In this notebook, you should implement a first version of a working machine learning model to predict the age of an Abalone.

A few guidelines:
- The model does not have to be complex. A simple linear regression model is enough.
- You should use MLflow to track your experiments. You can use the MLflow UI to compare your experiments.
- Do not push any MLflow data to the repository. Only the code to run the experiments is interesting and should be pushed.

In [4]:
%load_ext autoreload
%autoreload 2
.
import pandas as pd
from sklearn.model_selection import train_test_split
from sklearn.preprocessing import StandardScaler
from sklearn.metrics import mean_squared_error
from sklearn.ensemble import RandomForestRegressor
from sklearn.metrics import confusion_matrix,classification_report, accuracy_score
import numpy as np
import pandas as pd
import matplotlib.pyplot as plt
import seaborn as sns
from scipy import stats
from sklearn.ensemble import RandomForestClassifier
from sklearn.model_selection import StratifiedKFold, KFold
import mlflow
pd.set_option('display.max_columns', 500)

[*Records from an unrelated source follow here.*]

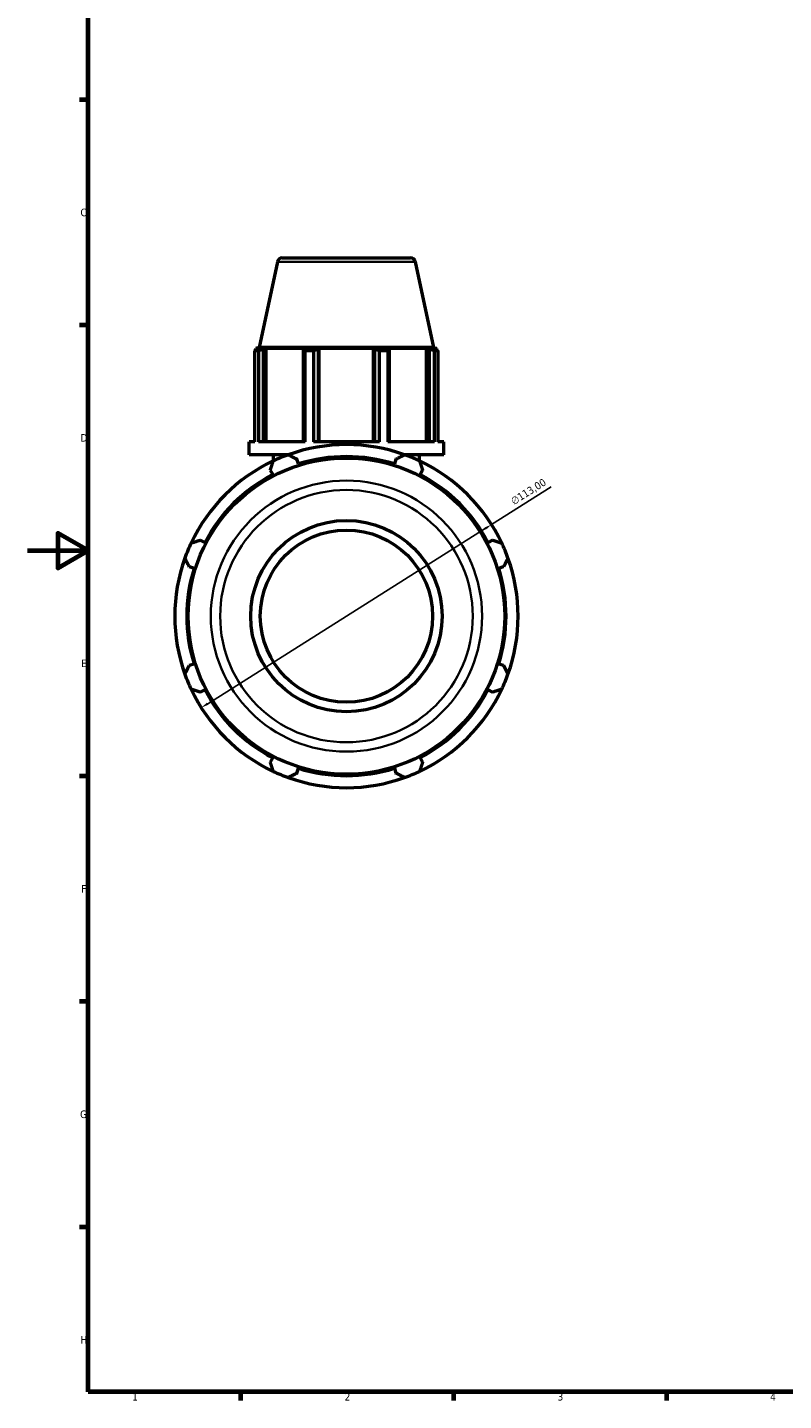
# Model space of a CAD drawing. Header units: millimetres. Extents: x 0 to 1041, y -3 to 942.
# Tile 1 of 8: x 0 to 249, y 17 to 469. Entities that reach past the tile are written whole.
import ezdxf

# ---------------------------------------------------------------- set-up
doc = ezdxf.new("R2010")
doc.units = ezdxf.units.MM
for name, color, linetype, lineweight in [('Border (ISO)', 7, 'Continuous', 70), ('Dimension (ISO)', 7, 'Continuous', 25), ('Visible (ISO)', 7, 'Continuous', 50), ('Visible Narrow (ISO)', 7, 'Continuous', 35)]:
    doc.layers.add(name, color=color, linetype=linetype, lineweight=lineweight)
doc.styles.add('Note Text (ISO)', font='tahoma.ttf')
doc.dimstyles.new('Default (ISO)', dxfattribs={"dimtxt": 2.5, "dimasz": 2.5, "dimexe": 3.175, "dimexo": 0, "dimgap": 0.762, "dimtad": 1, "dimrnd": 1e-08, "dimzin": 0, "dimtxsty": 'Note Text (ISO)', "dimcen": 0.09, "dimdle": 10, "dimclrd": 256, "dimclre": 256, "dimclrt": 232, "dimazin": 0, "dimtfac": 1.40208, "dimtmove": 0, "dimatfit": 3, "dimfxl": 1, "dimtolj": 1, "dimtzin": 0, "dimlwd": -1, "dimlwe": -1, "dimarcsym": 0})

# ---------------------------------------------------------------- blocks, each defined once
blk = doc.blocks.new('Borders Default Border')
at = {"layer": 'Border (ISO)'}
for p, q in [((20, 445.5), (17.1, 445.5)), ((20, 371.25), (17.1, 371.25)), ((20, 222.75), (17.1, 222.75)), ((20, 148.5), (17.1, 148.5)), ((20, 74.25), (17.1, 74.25)), ((70.08, 20), (70.08, 17.1)), ((140.17, 20), (140.17, 17.1)), ((210.25, 20), (210.25, 17.1))]:
    blk.add_line(p, q, dxfattribs=at)
at = {"layer": 'Border (ISO)', "flags": 128}
for points in [[(20, 20), (20, 574), (821, 574), (821, 20), (20, 20)], [(0, 297), (20, 297), (10, 302.77), (10, 291.23), (20, 297)]]:
    blk.add_lwpolyline(points, dxfattribs=at)
at = {"layer": 'Border (ISO)', "color": 232, "true_color": 0xca0064, "char_height": 2.5, "attachment_point": 7, "style": 'Note Text (ISO)'}
for s, insert in [('C', (17.43, 407.08)), ('D', (17.43, 332.88)), ('E', (17.64, 258.63)), ('F', (17.7, 184.38)), ('G', (17.31, 110.08)), ('H', (17.44, 35.88)), ('1', (34.48, 17.1)), ('2', (104.37, 17.1)), ('3', (174.43, 17.05)), ('4', (244.42, 17.1))]:
    blk.add_mtext(s, dxfattribs=dict(at, insert=insert))
blk = doc.blocks.new('*D16')
at = {"layer": 'Defpoints', "color": 0, "transparency": 16777216}
for p in [(152.73, 305.59), (57.18, 245.27)]:
    blk.add_point(p, dxfattribs=at)
at = {"layer": 'Dimension (ISO)', "transparency": 16777216}
for p, q in [((152.73, 305.59), (172.36, 317.98)), ((59.3, 246.6), (150.62, 304.25))]:
    blk.add_line(p, q, dxfattribs=at)
blk.add_arc((104.96, 275.43), 56.5, 29.0454, 109.792, dxfattribs=at)
for points in [[(150.4, 304.61), (150.84, 303.9), (152.73, 305.59)], [(59.07, 246.95), (59.52, 246.25), (57.18, 245.27)]]:
    blk.add_solid(points, dxfattribs=at)
at = {"layer": 'Dimension (ISO)', "color": 232, "true_color": 0xca0064, "transparency": 16777216, "insert": (158.72, 314.07), "char_height": 2.5, "attachment_point": 1, "rotation": 32.2651, "style": 'Note Text (ISO)'}
blk.add_mtext('\\A1;∅113,00', dxfattribs=at)

msp = doc.modelspace()

# ---------------------------------------------------------------- linework, layer by layer
at = {"layer": 'Visible (ISO)'}
for p, q in [((83.854, 393.427), (126.063, 393.427)), ((82.289, 392.16), (76.288, 363.927)), ((127.628, 392.16), (133.629, 363.927)), ((74.849, 332.794), (74.849, 362.846)), ((76.006, 362.846), (74.849, 362.846)), ((76.288, 363.927), (75.199, 363.573)), ((76.576, 363.573), (75.199, 363.573)), ((75.199, 363.027), (75.199, 363.573)), ((76.576, 363.573), (75.66, 363.261)), ((76.006, 362.846), (76.006, 332.794)), ((133.629, 363.927), (76.288, 363.927)), ((77.71, 363.261), (78.561, 363.573)), ((77.71, 332.794), (77.71, 363.261)), ((78.561, 332.794), (78.561, 363.573)), ((91.217, 363.573), (78.561, 363.573)), ((91.217, 363.573), (90.774, 363.261)), ((90.774, 363.261), (90.774, 332.794)), ((91.33, 332.794), (91.33, 362.846)), ((94.123, 362.846), (91.33, 362.846)), ((94.123, 362.846), (94.123, 332.794)), ((95.721, 363.261), (96.01, 363.573)), ((95.721, 332.794), (95.721, 363.261)), ((96.01, 332.794), (96.01, 363.573)), ((113.908, 363.573), (96.01, 363.573)), ((113.908, 332.794), (113.908, 363.573)), ((113.908, 363.573), (114.196, 363.261)), ((114.196, 363.261), (114.196, 332.794)), ((115.794, 332.794), (115.794, 362.846)), ((118.588, 362.846), (115.794, 362.846)), ((118.588, 362.846), (118.588, 332.794)), ((119.143, 363.261), (118.7, 363.573)), ((131.356, 363.573), (118.7, 363.573)), ((119.143, 332.794), (119.143, 363.261)), ((131.356, 332.794), (131.356, 363.573)), ((131.356, 363.573), (132.208, 363.261)), ((132.208, 363.261), (132.208, 332.794)), ((134.257, 363.261), (133.341, 363.573)), ((134.719, 363.573), (133.341, 363.573)), ((133.629, 363.927), (134.719, 363.573)), ((133.911, 332.794), (133.911, 362.846)), ((135.068, 362.846), (133.911, 362.846)), ((134.719, 363.027), (134.719, 363.573)), ((135.068, 362.846), (135.068, 332.794)), ((74.849, 332.794), (72.959, 332.794)), ((72.959, 328.527), (72.959, 332.794)), ((91.33, 332.794), (76.006, 332.794)), ((115.794, 332.794), (94.123, 332.794)), ((133.911, 332.794), (118.588, 332.794)), ((136.959, 332.794), (135.068, 332.794)), ((136.959, 328.527), (136.959, 332.794)), ((85.655, 328.527), (72.959, 328.527)), ((80.959, 326.577), (80.959, 328.527)), ((89.158, 325.54), (88.648, 327.157)), ((121.269, 327.157), (120.759, 325.54)), ((136.959, 328.527), (124.262, 328.527)), ((128.959, 326.577), (128.959, 328.527)), ((79.913, 323.539), (80.696, 322.035)), ((129.221, 322.035), (130.004, 323.539)), ((58.351, 299.69), (56.847, 300.473)), ((153.07, 300.473), (151.567, 299.69)), ((53.229, 291.738), (54.845, 291.228)), ((155.072, 291.228), (156.688, 291.738)), ((54.845, 259.627), (53.229, 259.117)), ((156.688, 259.117), (155.072, 259.627)), ((56.847, 250.382), (58.351, 251.165)), ((151.567, 251.165), (153.07, 250.382)), ((80.696, 228.819), (79.913, 227.316)), ((130.004, 227.316), (129.221, 228.819)), ((88.648, 223.698), (89.158, 225.314)), ((120.759, 225.314), (121.269, 223.698))]:
    msp.add_line(p, q, dxfattribs=at)
for radius in [52.075, 31.5, 28.35]:
    msp.add_circle((104.959, 275.427), radius, dxfattribs=at)
for centre, radius, start, end in [((83.854, 391.827), 1.6, 90, 168), ((126.063, 391.827), 1.6, 12, 90), ((104.959, 275.427), 56.5, 70.20802, 109.79198), ((104.959, 275.427), 56.5, 115.20802, 154.79198), ((104.959, 275.427), 56.5, 109.79198, 115.20802), ((104.959, 275.427), 52.545, 72.5, 107.5), ((104.959, 275.427), 56.5, 64.79198, 70.20802), ((104.959, 275.427), 56.5, 25.20802, 64.79198), ((104.959, 275.427), 52.545, 117.5, 152.5), ((104.959, 275.427), 52.545, 27.5, 62.5), ((104.959, 275.427), 56.5, 154.79198, 160.20802), ((104.959, 275.427), 56.5, 19.79198, 25.20802), ((104.959, 275.427), 56.5, 160.20802, 199.79198), ((104.959, 275.427), 56.5, 340.20802, 19.79198), ((104.959, 275.427), 52.545, 162.5, 197.5), ((104.959, 275.427), 52.545, 342.5, 17.5), ((104.959, 275.427), 56.5, 199.79198, 205.20802), ((104.959, 275.427), 56.5, 334.79198, 340.20802), ((104.959, 275.427), 56.5, 205.20802, 244.79198), ((104.959, 275.427), 52.545, 207.5, 242.5), ((104.959, 275.427), 56.5, 295.20802, 334.79198), ((104.959, 275.427), 52.545, 297.5, 332.5), ((104.959, 275.427), 56.5, 244.79198, 250.20802), ((104.959, 275.427), 56.5, 250.20802, 289.79198), ((104.959, 275.427), 52.545, 252.5, 287.5), ((104.959, 275.427), 56.5, 289.79198, 295.20802)]:
    msp.add_arc(centre, radius, start, end, dxfattribs=at)
for points, weights in [([(74.849, 362.846), (75.263, 363.062), (75.66, 363.261)], [1, 1.00114230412, 1.00146772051]), ([(77.71, 363.261), (76.875, 363.062), (76.006, 362.846)], [1.00146772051, 1.00114230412, 1]), ([(91.33, 362.846), (91.046, 363.062), (90.774, 363.261)], [1, 1.00114230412, 1.00146772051]), ([(95.721, 363.261), (94.938, 363.062), (94.123, 362.846)], [1.00146772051, 1.00114230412, 1]), ([(115.794, 362.846), (114.979, 363.062), (114.196, 363.261)], [1, 1.00114230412, 1.00146772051]), ([(119.143, 363.261), (118.871, 363.062), (118.588, 362.846)], [1.00146772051, 1.00114230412, 1]), ([(133.911, 362.846), (133.042, 363.062), (132.208, 363.261)], [1, 1.00114230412, 1.00146772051]), ([(134.257, 363.261), (134.654, 363.062), (135.068, 362.846)], [1.00146772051, 1.00114230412, 1]), ([(79.913, 323.539), (80.394, 325.012), (80.895, 326.547)], [1.00085067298, 1.00083383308, 1]), ([(85.827, 328.59), (87.267, 327.859), (88.648, 327.157)], [1, 1.00083383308, 1.00085067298]), ([(121.269, 327.157), (122.651, 327.859), (124.09, 328.59)], [1.00085067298, 1.00083383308, 1]), ([(129.022, 326.547), (129.523, 325.012), (130.004, 323.539)], [1, 1.00083383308, 1.00085067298]), ([(53.839, 299.491), (55.374, 299.992), (56.847, 300.473)], [1, 1.00083383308, 1.00085067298]), ([(153.07, 300.473), (154.543, 299.992), (156.078, 299.491)], [1.00085067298, 1.00083383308, 1]), ([(53.229, 291.738), (52.527, 293.119), (51.796, 294.559)], [1.00085067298, 1.00083383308, 1]), ([(158.121, 294.559), (157.39, 293.119), (156.688, 291.738)], [1, 1.00083383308, 1.00085067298]), ([(51.796, 256.296), (52.527, 257.735), (53.229, 259.117)], [1, 1.00083383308, 1.00085067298]), ([(156.688, 259.117), (157.39, 257.735), (158.121, 256.296)], [1.00085067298, 1.00083383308, 1]), ([(56.847, 250.382), (55.374, 250.863), (53.839, 251.364)], [1.00085067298, 1.00083383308, 1]), ([(156.078, 251.364), (154.543, 250.863), (153.07, 250.382)], [1, 1.00083383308, 1.00085067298]), ([(80.895, 224.308), (80.394, 225.843), (79.913, 227.316)], [1, 1.00083383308, 1.00085067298]), ([(130.004, 227.316), (129.523, 225.843), (129.022, 224.308)], [1.00085067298, 1.00083383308, 1]), ([(88.648, 223.698), (87.267, 222.996), (85.827, 222.265)], [1.00085067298, 1.00083383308, 1]), ([(124.09, 222.265), (122.651, 222.996), (121.269, 223.698)], [1, 1.00083383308, 1.00085067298])]:
    msp.add_rational_spline(points, weights, degree=2, dxfattribs=at)
at = {"layer": 'Visible Narrow (ISO)'}
msp.add_line((127.349, 392.16), (82.568, 392.16), dxfattribs=at)
for radius in [44.63, 41.549]:
    msp.add_circle((104.959, 275.427), radius, dxfattribs=at)

# ---------------------------------------------------------------- block references
msp.add_blockref('Borders Default Border', (0, 0))

# ---------------------------------------------------------------- dimensions: what is measured, and where the dimension line sits
at = {"layer": 'Dimension (ISO)'}
dim = msp.add_diameter_dim_2p(p1=(57.183, 245.266), p2=(152.734, 305.589), dimstyle='Default (ISO)', override={"dimdec": 2, "dimlfac": 1, "dimtp": 0, "dimtm": 0, "dimtdec": 2, "dimatfit": 2}, dxfattribs=at)
dim.commit()
dim.dimension.update_dxf_attribs({"geometry": '*D16', "text_midpoint": (166.278, 314.14), "dimtype": 163})

doc.saveas('drawing.dxf')

The autoreload extension is already loaded. To reload it, use:
  %reload_ext autoreload


In [13]:
mlflow.set_experiment('Abalone')

with mlflow.start_run() as run:
    run_id = run.info.run_id

    df = pd.read_csv("abalone.csv")
    X=pd.get_dummies(df.drop('Rings', axis=1))
    y=df['Rings']

    X_train, X_test, y_train, y_test = train_test_split(X, y, test_size=0.1, random_state=101)
    model = RandomForestRegressor(n_estimators=50)
    model.fit(X_train,y_train)

    preds = model.predict(X_test)
    rmse = mean_squared_error(y_test,preds, squared=False)
    mlflow.log_params(model.get_params())
    mlflow.log_metric("rmse", rmse)
    mlflow.sklearn.log_model(model, "model")
    mlflow.register_model(f"runs:/{run_id}/model", "Abalone Model")

Registered model 'Abalone Model' already exists. Creating a new version of this model...
Created version '2' of model 'Abalone Model'.